- EXERCISE BRIEF:
Starting at the top of the listing, extract every line up to and including the one with "doc.units = 0". Pictures stay out of the copy.

- DATA EXTRACT:

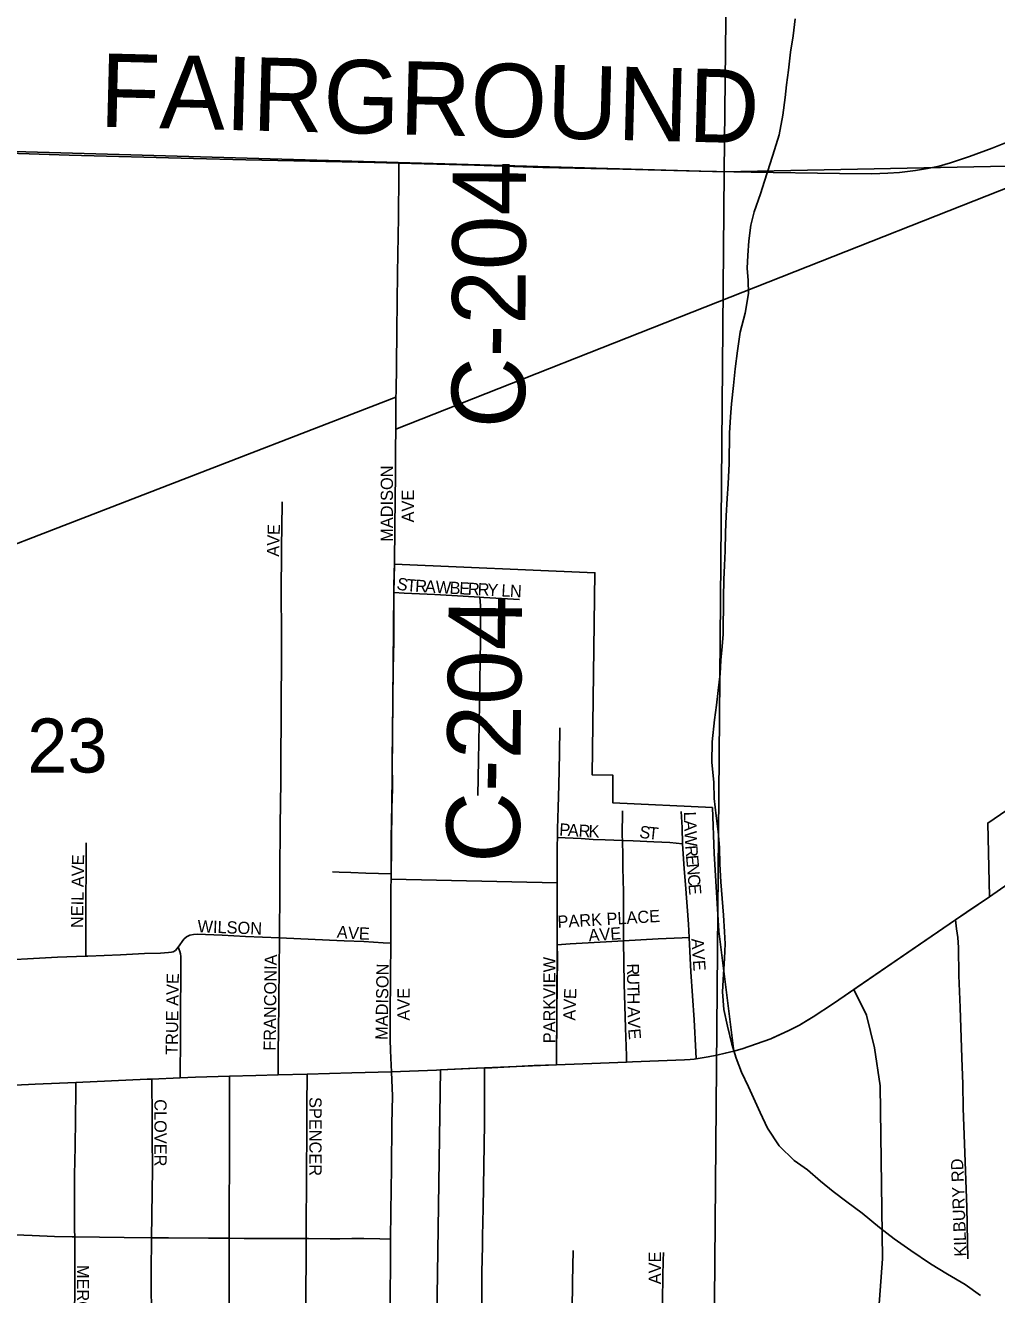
# Model space of a CAD drawing. Extents: x 1584893 to 1934202, y 663575 to 1091909.
# Drawn here: x 1800974 to 1804945, y 942980 to 948170 of the extents above; entities that cross this region are included whole.
import ezdxf

# ---------------------------------------------------------------- set-up
doc = ezdxf.new("R2010")
doc.units = 0
for name, color, linetype in [('GM_X_City_Street', 7, 'Continuous'), ('GM_X_City_Street_Text', 7, 'Continuous'), ('GM_X_Corporation', 7, 'Continuous'), ('GM_X_County_Road', 7, 'Continuous'), ('GM_X_County_Road_Text', 7, 'Continuous'), ('GM_X_Minor_River', 7, 'Continuous'), ('GM_X_Section', 7, 'Continuous'), ('GM_X_Section_Text', 7, 'Continuous'), ('GM_X_State_Route', 7, 'Continuous'), ('GM_X_Township_Subdivision', 7, 'Continuous'), ('GM_X_Township_Subdivision_Text', 7, 'Continuous')]:
    doc.layers.add(name, color=color, linetype=linetype)

msp = doc.modelspace()

# ---------------------------------------------------------------- linework, layer by layer
at = {"layer": 'GM_X_City_Street'}
for points in [[(1802482.4, 945967), (1802484.7, 946120.6), (1802487.3, 946335.9), (1802487.1, 946435.3), (1802488.3, 946519.1)], [(1802012.7, 944438.7), (1802013, 944462.1), (1802013.4, 944614.7), (1802013.7, 944704), (1802016.1, 944899.8), (1802017.6, 945076.3), (1802018.8, 945232.8), (1802019.3, 945280.4), (1802019.8, 945340), (1802019.2, 945393.3), (1802019.7, 945452.5), (1802020.2, 945525), (1802020.5, 945696.2), (1802019.9, 945840.2), (1802019.7, 945888.4), (1802020.7, 945982.1), (1802021.4, 946044.3), (1802022.2, 946114.3), (1802023.3, 946221.2)], [(1801220.2, 944363.7), (1801220.2, 944385.3), (1801220.4, 944415.1), (1801220.6, 944449), (1801220.8, 944492.6), (1801221.2, 944559), (1801221.5, 944626.8), (1801221.8, 944687), (1801222.1, 944737.5), (1801222.3, 944781.1), (1801222.6, 944827.4)], [(1802228.8, 944709.1), (1802256.4, 944707.5), (1802303.7, 944706.6), (1802365.1, 944704), (1802468.6, 944700.5)], [(1802467.3, 944417.3), (1802467.8, 944512), (1802467.8, 944574.3), (1802467.8, 944621.6), (1802468.6, 944700.5)], [(1801598, 944401.1), (1801621.8, 944433.2), (1801632.4, 944443.4), (1801645.6, 944449.6), (1801661, 944452.3), (1801676.9, 944453.5), (1801709.5, 944452.8), (1801778.6, 944449.4), (1801873.3, 944444.9), (1802012.7, 944438.7)], [(1802007.1, 943878.3), (1802007.3, 943916.9), (1802007.5, 943948), (1802007.6, 943966.5), (1802008.1, 944065.9), (1802009.3, 944160.8), (1802010, 944221.1), (1802010.8, 944280.4), (1802011.7, 944352.3), (1802012.2, 944396), (1802012.7, 944438.7)], [(1802012.7, 944438.7), (1802217.5, 944429.3), (1802277.5, 944426.9), (1802357.3, 944423.4), (1802436.2, 944419), (1802467.3, 944417.3)], [(1802470.5, 943891.6), (1802469.1, 943918.4), (1802466.9, 943978.2), (1802465.3, 944022.7), (1802465.2, 944113.8), (1802466.9, 944285.7), (1802467.3, 944417.3)], [(1801220.2, 944363.7), (1801229, 944364.1), (1801362.3, 944368.8), (1801460.5, 944374.9), (1801526, 944376.9), (1801559.4, 944378.7), (1801570.8, 944379.8), (1801577.8, 944381.5), (1801587.4, 944387.8), (1801592.7, 944393.9), (1801598, 944401.1)], [(1801606.7, 943866.2), (1801606.9, 943907.1), (1801607.4, 943994.5), (1801607.7, 944046), (1801608, 944113.1), (1801608.4, 944185), (1801608.8, 944243.4), (1801609, 944294.9), (1801609.3, 944336.7), (1801609.4, 944362.1), (1801607.6, 944373.8), (1801605.1, 944382.9), (1801600.7, 944394.1), (1801598, 944401.1)], [(1800931.6, 944350.1), (1800982.9, 944352.7), (1801104.7, 944359.7), (1801220.2, 944363.7)], [(1801179.9, 943847.9), (1801179.6, 943812.8), (1801177, 943584.5), (1801175.1, 943470), (1801174.8, 943341.1), (1801175.2, 943245.2), (1801175.4, 943215.9)], [(1801489.5, 943212.5), (1801490.5, 943303), (1801492.8, 943496), (1801492, 943620.5), (1801492.4, 943685.9), (1801492.4, 943734.5), (1801490.8, 943827), (1801490.1, 943861.3)], [(1801806.7, 943210.3), (1801807.4, 943353.3), (1801807.7, 943506.1), (1801807.8, 943569.5), (1801807.9, 943652), (1801808.3, 943833.1), (1801808.4, 943872.7)], [(1802125.3, 943881.8), (1802125.2, 943852), (1802124.8, 943779), (1802124.3, 943693.1), (1802123.9, 943591.5), (1802123.6, 943534.2), (1802123, 943419.6), (1802121.8, 943288.1), (1802121.8, 943271.7), (1802122.1, 943209)], [(1802467, 943207), (1802468.1, 943319.1), (1802470.5, 943498.5), (1802472.6, 943677.9), (1802474.4, 943791.9), (1802470.5, 943891.6)], [(1800829.3, 943229.2), (1801001.3, 943221.1), (1801093.2, 943217), (1801165, 943216.1), (1801175.4, 943215.9)], [(1801175.4, 943215.9), (1801175.7, 943180.5), (1801175.9, 943016.8), (1801174.5, 942886), (1801173.5, 942689.7), (1801172.3, 942559.6), (1801171.3, 942463.8), (1801170.6, 942382.7), (1801168.5, 942314.6)], [(1801175.4, 943215.9), (1801378.1, 943213.6), (1801489.5, 943212.5)], [(1801482.9, 942294.7), (1801482.9, 942300.6), (1801483.2, 942332.4), (1801486.3, 942676.2), (1801489.4, 942938), (1801488.3, 942987.2), (1801488.3, 943085.6), (1801489.3, 943200.3), (1801489.5, 943212.5)], [(1801489.5, 943212.5), (1801558.3, 943211.9), (1801722.1, 943211.5), (1801806.7, 943210.3)], [(1801800.9, 942275.1), (1801801.6, 942348.8), (1801803.9, 942589.5), (1801805.3, 942802.3), (1801806.4, 943031.4), (1801806.5, 943173.6), (1801806.7, 943210.3)], [(1801806.7, 943210.3), (1801868.4, 943209.2), (1801918.3, 943209.7), (1801967.1, 943209.3), (1802122.1, 943209)], [(1802122.1, 943209), (1802122.1, 943189.8), (1802121.7, 943156.9), (1802121.8, 943124.1), (1802121.4, 943074.8), (1802120.9, 943043.6), (1802120, 942971.6), (1802119.8, 942923.8), (1802119.4, 942867.4), (1802119.2, 942829.2), (1802118.9, 942762.5), (1802118, 942532.3), (1802116.8, 942422.8), (1802116.1, 942384.6), (1802114.8, 942317.8), (1802113.4, 942262.2), (1802113.1, 942251.9)], [(1802122.1, 943209), (1802130.6, 943209), (1802219.9, 943208.7), (1802260, 943208.7), (1802308.4, 943208.9), (1802357.1, 943209.2), (1802422.7, 943207.9), (1802467, 943207)], [(1802455.2, 942220.6), (1802456.3, 942285.9), (1802457.6, 942363), (1802458.3, 942477.3), (1802460.1, 942591.4), (1802460.9, 942671.8), (1802461.1, 942734.1), (1802461.6, 942749.5), (1802463.4, 942879), (1802465.6, 942976.5), (1802466.2, 943106.9), (1802467, 943207)]]:
    msp.add_lwpolyline(points, dxfattribs=at)
at = {"layer": 'GM_X_Corporation'}
for points in [[(1800456.1, 945864.7), (1802488.6, 946649.4), (1802488.3, 946519.1), (1805222.2, 947597.8)], [(1805012.7, 944979.3), (1804908.7, 944908.4), (1804915.8, 944607.2), (1804776.9, 944512.7), (1804277.6, 944170), (1804195.2, 944115.6), (1804166.8, 944098.9), (1804138.5, 944082.2), (1804094.8, 944059.4), (1804030.3, 944029.7), (1804021.1, 944025.4), (1803962.8, 944005.1), (1803904.4, 943984.7), (1803870.9, 943975.3), (1803808.8, 944465.8), (1803789.5, 944784.1), (1803782.7, 944971.5), (1803375.3, 944991.1), (1803375.6, 945103.5), (1803291.5, 945104.8), (1803302.1, 945931.7), (1802482.3, 945967), (1802480.7, 945850.9), (1802469.4, 944679.3), (1803147.3, 944663.8), (1803148.2, 944410.3), (1803145.2, 943920.2), (1802850.8, 943906.8), (1802671.4, 943898.9), (1802646.7, 942233.9)]]:
    msp.add_lwpolyline(points, dxfattribs=at)
at = {"layer": 'GM_X_County_Road'}
for points in [[(1802501.2, 947606), (1802809.9, 947597.9), (1803088.7, 947589.4), (1803416.9, 947582.6), (1803728.6, 947573.8), (1803941.8, 947569.7), (1804302.8, 947564.2), (1804434, 947563.3), (1804499.4, 947565.2), (1804548.3, 947568.6), (1804613.2, 947576.5), (1804661.5, 947584.5), (1804709.3, 947595), (1804756.6, 947607.9), (1804834.3, 947633.3), (1804926.5, 947667.5), (1805185.3, 947771.7)], [(1799836.2, 947683), (1800250.7, 947669.5), (1800595.1, 947657.6), (1800988.9, 947645), (1801152.8, 947639.2), (1801661.5, 947625.6), (1801874.7, 947619.8), (1802137.2, 947614.3), (1802399.7, 947608.7), (1802501.2, 947606)], [(1802488.6, 946649.5), (1802489.1, 946670.9), (1802490.6, 946779.1), (1802492.1, 946922.1), (1802494.6, 947156.3), (1802498.6, 947386.1), (1802500.6, 947560.7), (1802501.2, 947606)], [(1802488.3, 946519.1), (1802488.8, 946569.7), (1802488.8, 946639.6), (1802488.6, 946649.5)], [(1802480.7, 945850.9), (1802480.7, 945870.8), (1802481.6, 945936.9), (1802482.4, 945967)], [(1802468.6, 944700.5), (1802468.6, 944758.4), (1802469.5, 944831.2), (1802471.2, 944927.7), (1802474.2, 945047.6), (1802473.7, 945162.7), (1802474.6, 945278.5), (1802476.3, 945409.2), (1802478.1, 945537.2), (1802479.8, 945653.9), (1802480.7, 945788.5), (1802480.7, 945850.9)], [(1803891.7, 941145.1), (1803928.3, 941217.2), (1803997.2, 941317), (1804082, 941418.3), (1804141.9, 941520.2), (1804178.7, 941604.2), (1804203.7, 941699.2), (1804215.1, 941797.4), (1804218, 941909.9), (1804219.7, 942007.6), (1804214.9, 942210.2), (1804224.2, 942350.1), (1804253.3, 942479.3), (1804311.7, 942589.7), (1804403, 942735.4), (1804458.4, 942867.1), (1804477.6, 943126.6), (1804468.5, 943833.4), (1804445.6, 943988.5), (1804413.1, 944123), (1804361.2, 944227.4)]]:
    msp.add_lwpolyline(points, dxfattribs=at)
at = {"layer": 'GM_X_Minor_River'}
for points in [[(1803916.1, 946993.2), (1803930.4, 947073.1), (1803928.6, 947127.2), (1803924.8, 947177.2), (1803927, 947229.2), (1803931.2, 947289.3), (1803939.5, 947353.3), (1803953.7, 947407.2), (1803980, 947481.2), (1803996.2, 947533.2), (1804018.5, 947605.1), (1804036.7, 947661.1), (1804055, 947723), (1804071.3, 947803), (1804079.6, 947875), (1804085.8, 947927), (1804094, 947987), (1804102.3, 948061), (1804112.5, 948127), (1804120.8, 948197.1)], [(1804879.5, 942977.1), (1804815.6, 943021.4), (1804743.7, 943063.7), (1804673.8, 943106), (1804594, 943160.3), (1804526.1, 943208.6), (1804466.2, 943254.9), (1804394.4, 943313.2), (1804332.5, 943359.4), (1804276.6, 943401.7), (1804224.8, 943443.9), (1804170.9, 943490.1), (1804117, 943528.4), (1804055.2, 943588.6), (1804007.4, 943660.9), (1803977.6, 943725), (1803930, 943829.2), (1803902.2, 943889.4), (1803880.4, 943947.5), (1803862.6, 944003.6), (1803844.9, 944077.7), (1803829.1, 944145.8), (1803823.4, 944217.9), (1803827.7, 944289.9), (1803831.9, 944353.9), (1803834.2, 944414), (1803832.3, 944464), (1803828.6, 944532.1), (1803817.1, 944668.2), (1803813.4, 944740.2), (1803811.6, 944808.3), (1803805.9, 944874.3), (1803798.1, 944938.4), (1803790.4, 945008.5), (1803788.6, 945074.5), (1803780.9, 945156.6), (1803781.3, 945240.7), (1803791.6, 945330.7), (1803799.9, 945390.7), (1803806.1, 945450.7), (1803814.3, 945518.7), (1803816.6, 945574.7), (1803822.8, 945630.7), (1803827, 945680.7), (1803827.5, 945828.8), (1803829.8, 945904.8), (1803832.1, 945960.9), (1803834.3, 946020.9), (1803836.6, 946096.9), (1803838.8, 946165), (1803843.1, 946235), (1803847.3, 946295), (1803851.7, 946379), (1803852.1, 946503.1), (1803856.4, 946569.1), (1803860.6, 946623.1), (1803868.9, 946697.2), (1803875.2, 946765.2), (1803885.4, 946839.2), (1803895.7, 946915.2), (1803916.1, 946993.2)]]:
    msp.add_lwpolyline(points, dxfattribs=at)
at = {"layer": 'GM_X_Section'}
for points in [[(1798546, 953053.1), (1803891.8, 953170.2), (1803831.3, 947571.5), (1798501.2, 947724.3)], [(1803891.8, 953170.2), (1809287.5, 952939), (1809214, 947834.3), (1809209.1, 947678.4), (1803831.3, 947571.5)], [(1803831.3, 947571.5), (1803783.9, 942158.7), (1798488.5, 942423.4), (1798501.2, 947724.3)], [(1809209.1, 947678.4), (1809163.3, 942525.6), (1803783.9, 942158.7), (1803831.3, 947571.5)]]:
    msp.add_lwpolyline(points, close=True, dxfattribs=at)
at = {"layer": 'GM_X_State_Route'}
for points in [[(1804915.8, 944607.2), (1805023.7, 944681.7)], [(1803870.9, 943975.3), (1803904.4, 943984.8), (1804021.1, 944025.4), (1804094.8, 944059.4), (1804138.5, 944082.2), (1804195.1, 944115.6), (1804277.6, 944170), (1804361.2, 944227.4), (1804375, 944236.9), (1804776.9, 944512.7), (1804820.4, 944542.6), (1804915.8, 944607.2)], [(1803145.2, 943920.2), (1803325.1, 943926.3), (1803431.6, 943930.7), (1803455.9, 943931.7), (1803668.4, 943940.3), (1803691.1, 943941.9), (1803708.1, 943943.4), (1803715.7, 943944.4), (1803740.3, 943947.7), (1803765.3, 943951.7), (1803800.6, 943959.1), (1803835.5, 943966.8), (1803870.9, 943975.3)], [(1800931, 943836.8), (1801013.3, 943840.8), (1801179.9, 943847.9), (1801472.2, 943860.5), (1801490.1, 943861.3), (1801606.7, 943866.2), (1801668.7, 943868.9), (1801808.4, 943872.7), (1801915.3, 943875.6), (1802007.1, 943878.3), (1802125.3, 943881.8), (1802308.9, 943887.2), (1802470.5, 943891.6), (1802654.9, 943898.1), (1802671.4, 943898.9)], [(1802671.4, 943898.9), (1802785.4, 943904.2), (1802850.8, 943906.8), (1802880.4, 943908), (1803054.2, 943917), (1803145.2, 943920.2)]]:
    msp.add_lwpolyline(points, dxfattribs=at)
at = {"layer": 'GM_X_Township_Subdivision'}
for points in [[(1802480.7, 945850.9), (1802522.1, 945848.8), (1802647.6, 945842.3), (1802717.5, 945839.1), (1802832.2, 945831.6)], [(1802824, 945020.4), (1802825.9, 945165.9), (1802829.3, 945312.6), (1802833, 945573.7), (1802834.4, 945654), (1802835, 945716.4), (1802834.4, 945764.4), (1802834.1, 945796.8), (1802832.2, 945831.6)], [(1802832.2, 945831.6), (1802847.6, 945830.6), (1802993.9, 945822.8)], [(1803149.2, 944849.3), (1803149.9, 944885.2), (1803152.5, 944971.4), (1803154.4, 945062.9), (1803157.3, 945193), (1803158.9, 945297.5)], [(1803414.8, 944837.4), (1803413.9, 944855.9), (1803415.2, 944958.8)], [(1803660.7, 944823.3), (1803658.7, 944889.7), (1803654.4, 944955.3)], [(1803147.3, 944663.8), (1803148.6, 944816.6), (1803149.2, 944849.3)], [(1803149.2, 944849.3), (1803180.5, 944847.3), (1803246, 944844.5), (1803295, 944841.7), (1803344, 944839.5), (1803414.8, 944837.4)], [(1803419.3, 944426.9), (1803419.2, 944545.9), (1803418.8, 944578), (1803418.8, 944627.1), (1803416.8, 944725.1), (1803415.8, 944774.2), (1803414.8, 944837.4)], [(1803414.8, 944837.4), (1803458.4, 944836), (1803543.2, 944832), (1803608.6, 944828.1), (1803660.7, 944823.3)], [(1803687.3, 944440.8), (1803684.4, 944495.2), (1803673, 944657.7), (1803667.9, 944721.4), (1803660.7, 944823.3)], [(1803148.2, 944410.3), (1803147.3, 944663.8)], [(1804827.1, 943125.9), (1804823.2, 943338.2), (1804813.3, 943597), (1804808.3, 943742.5), (1804806, 943840.2), (1804802.8, 943947.9), (1804796.2, 944153.7), (1804790.9, 944285.1), (1804788.3, 944399.4), (1804785.7, 944440.6), (1804781.3, 944476.2), (1804776.9, 944512.7)], [(1803148.2, 944410.3), (1803200.5, 944414.2), (1803347.9, 944423.1), (1803419.3, 944426.9)], [(1803419.3, 944426.9), (1803561.1, 944434.3), (1803658.8, 944439.3), (1803687.3, 944440.8)], [(1803431.6, 943930.7), (1803430.8, 943956.2), (1803427.3, 944070.4), (1803422, 944250.5), (1803419.3, 944426.9)], [(1803715.7, 943944.4), (1803714.3, 943973), (1803707.7, 944103.2), (1803694.8, 944299.4), (1803687.3, 944440.8)], [(1803145.2, 943920.2), (1803146.8, 944132.4), (1803149.3, 944359.3), (1803148.2, 944410.3)], [(1802842.4, 943177.8), (1802843.3, 943219), (1802844.9, 943334), (1802850.5, 943679.3), (1802851.2, 943745.1), (1802850.9, 943843.8), (1802850.8, 943863.5), (1802850.8, 943906.8)], [(1802833.4, 942401.2), (1802833.3, 942430.8), (1802834.8, 942529.4), (1802834.4, 942578.8), (1802835.9, 942627.8), (1802838.2, 942792.2), (1802838.3, 942825.1), (1802839.9, 942989.4), (1802840.5, 943038.8), (1802840.2, 943071.8), (1802842.4, 943177.8)], [(1803205.1, 942393.7), (1803205.5, 942428), (1803208, 942671.6), (1803209.9, 942913.3), (1803211.2, 943032.9), (1803213.7, 943159.9)], [(1803561.9, 942408.7), (1803570.4, 942423), (1803573, 942437.1), (1803574.9, 942468.8), (1803576.7, 942647.4), (1803578.9, 942956.4), (1803580.1, 943053.8), (1803580.8, 943119), (1803582.4, 943151.6)]]:
    msp.add_lwpolyline(points, dxfattribs=at)

# ---------------------------------------------------------------- texts
at = {"layer": 'GM_X_City_Street_Text'}
for s, rotation, p in [('MADISON', 90, (1802476.6, 946058.3)), ('AVE', 90, (1802562.7, 946137.5)), ('V', 87.9324, (1802011.9, 946041)), ('E', 88.323, (1802013.5, 946085.4)), ('A', 87.9234, (1802010.3, 945997.1)), ('NEIL AVE', 89.1065, (1801209.5, 944478.5)), ('WILSON', 357.8737, (1801677, 944461.7)), ('A', 354.3068, (1802245.5, 944439.6)), ('V', 356.863, (1802291.7, 944435.1)), ('E', 357.2782, (1802336.1, 944432.6)), ('FRANCONIA', 89.3024, (1801997.1, 943976.9)), ('MADISON', 89.118, (1802454.7, 944021.3)), ('TRUE AVE', 89.1777, (1801596.6, 943959.8)), ('AVE', 90, (1802545.1, 944100.3)), ('CLOVER', 270, (1801501.1, 943779.1)), ('SPENCER', 270, (1802134.7, 943787.9)), ('MERCHANT', 270, (1801184.3, 943101.5))]:
    msp.add_text(s, height=50, rotation=rotation, dxfattribs=at).set_placement(p)
at = {"layer": 'GM_X_County_Road_Text'}
for s, rotation, p in [('FAIRGROUND', 358.5316, (1801275.4, 947756)), ('C-204', 89.724, (1803016.1, 946522.1)), ('C-204', 89.4594, (1802994.1, 944743.9))]:
    msp.add_text(s, height=300, rotation=rotation, dxfattribs=at).set_placement(p)
at = {"layer": 'GM_X_Section_Text'}
msp.add_text('23', height=221, rotation=0, dxfattribs=at).set_placement((1800981.3, 945114.8))
at = {"layer": 'GM_X_Township_Subdivision_Text'}
for s, rotation, p in [('S', 348.2239, (1802488.8, 945864.9)), ('T', 355.7348, (1802530.4, 945856.7)), ('R', 356.6891, (1802566.4, 945854)), ('A', 356.784, (1802606, 945851.8)), ('W', 356.7835, (1802649.9, 945849.3)), ('B', 356.7966, (1802707, 945846.1)), ('E', 356.802, (1802746.6, 945843.9)), ('R', 356.7932, (1802781.7, 945841.9)), ('R', 357.76, (1802822.2, 945839.7)), ('Y', 357.0263, (1802861.6, 945838.1)), ('L', 356.993, (1802918.7, 945835.1)), ('N', 356.9826, (1802953.8, 945833.3)), ('L', 271.9401, (1803665.9, 944954.2)), ('P', 356.5276, (1803155.5, 944857.7)), ('A', 356.5474, (1803190.6, 944855.5)), ('R', 356.558, (1803234.5, 944852.9)), ('K', 358.0675, (1803275.5, 944850.4)), ('S', 352.1635, (1803481.9, 944848.8)), ('T', 354.1484, (1803518.6, 944843.8)), ('A', 271.9538, (1803667, 944919)), ('W', 272.4661, (1803668.5, 944874.6)), ('R', 274.5668, (1803671.1, 944815.4)), ('E', 274.9694, (1803674.3, 944775.5)), ('N', 274.9669, (1803677.4, 944740.5)), ('C', 274.9613, (1803681.2, 944696.6)), ('E', 274.9569, (1803684.6, 944657.2)), ('PARK PLACE', 3.3645, (1803150.8, 944479.3)), ('AVE', 3.9434, (1803277.7, 944424.2)), ('AVE', 273.9431, (1803696.6, 944435.4)), ('PARKVIEW', 90, (1803141, 944007.9)), ('R', 270.9714, (1803432.7, 944333.7)), ('U', 270.9953, (1803433.3, 944294)), ('E', 87.5128, (1803225.2, 944187.7)), ('T', 270.9835, (1803434.1, 944250.1)), ('H', 270.9618, (1803434.7, 944214.9)), ('V', 87.7697, (1803223.5, 944143.8)), ('A', 270.9618, (1803435.7, 944157.6)), ('A', 88.929, (1803222.7, 944100.1)), ('V', 271.8296, (1803436.4, 944112.8)), ('E', 274.9694, (1803438, 944065.8)), ('KILBURY RD', 92.0442, (1804821.8, 943136.4)), ('AVE', 90, (1803572.2, 943022.3))]:
    msp.add_text(s, height=50, rotation=rotation, dxfattribs=at).set_placement(p)

doc.saveas('drawing.dxf')

- RESULT:
# Model space of a CAD drawing. Extents: x 1584893 to 1934202, y 663575 to 1091909.
# Drawn here: x 1800974 to 1804945, y 942980 to 948170 of the extents above; entities that cross this region are included whole.
import ezdxf

# ---------------------------------------------------------------- set-up
doc = ezdxf.new("R2010")
doc.units = 0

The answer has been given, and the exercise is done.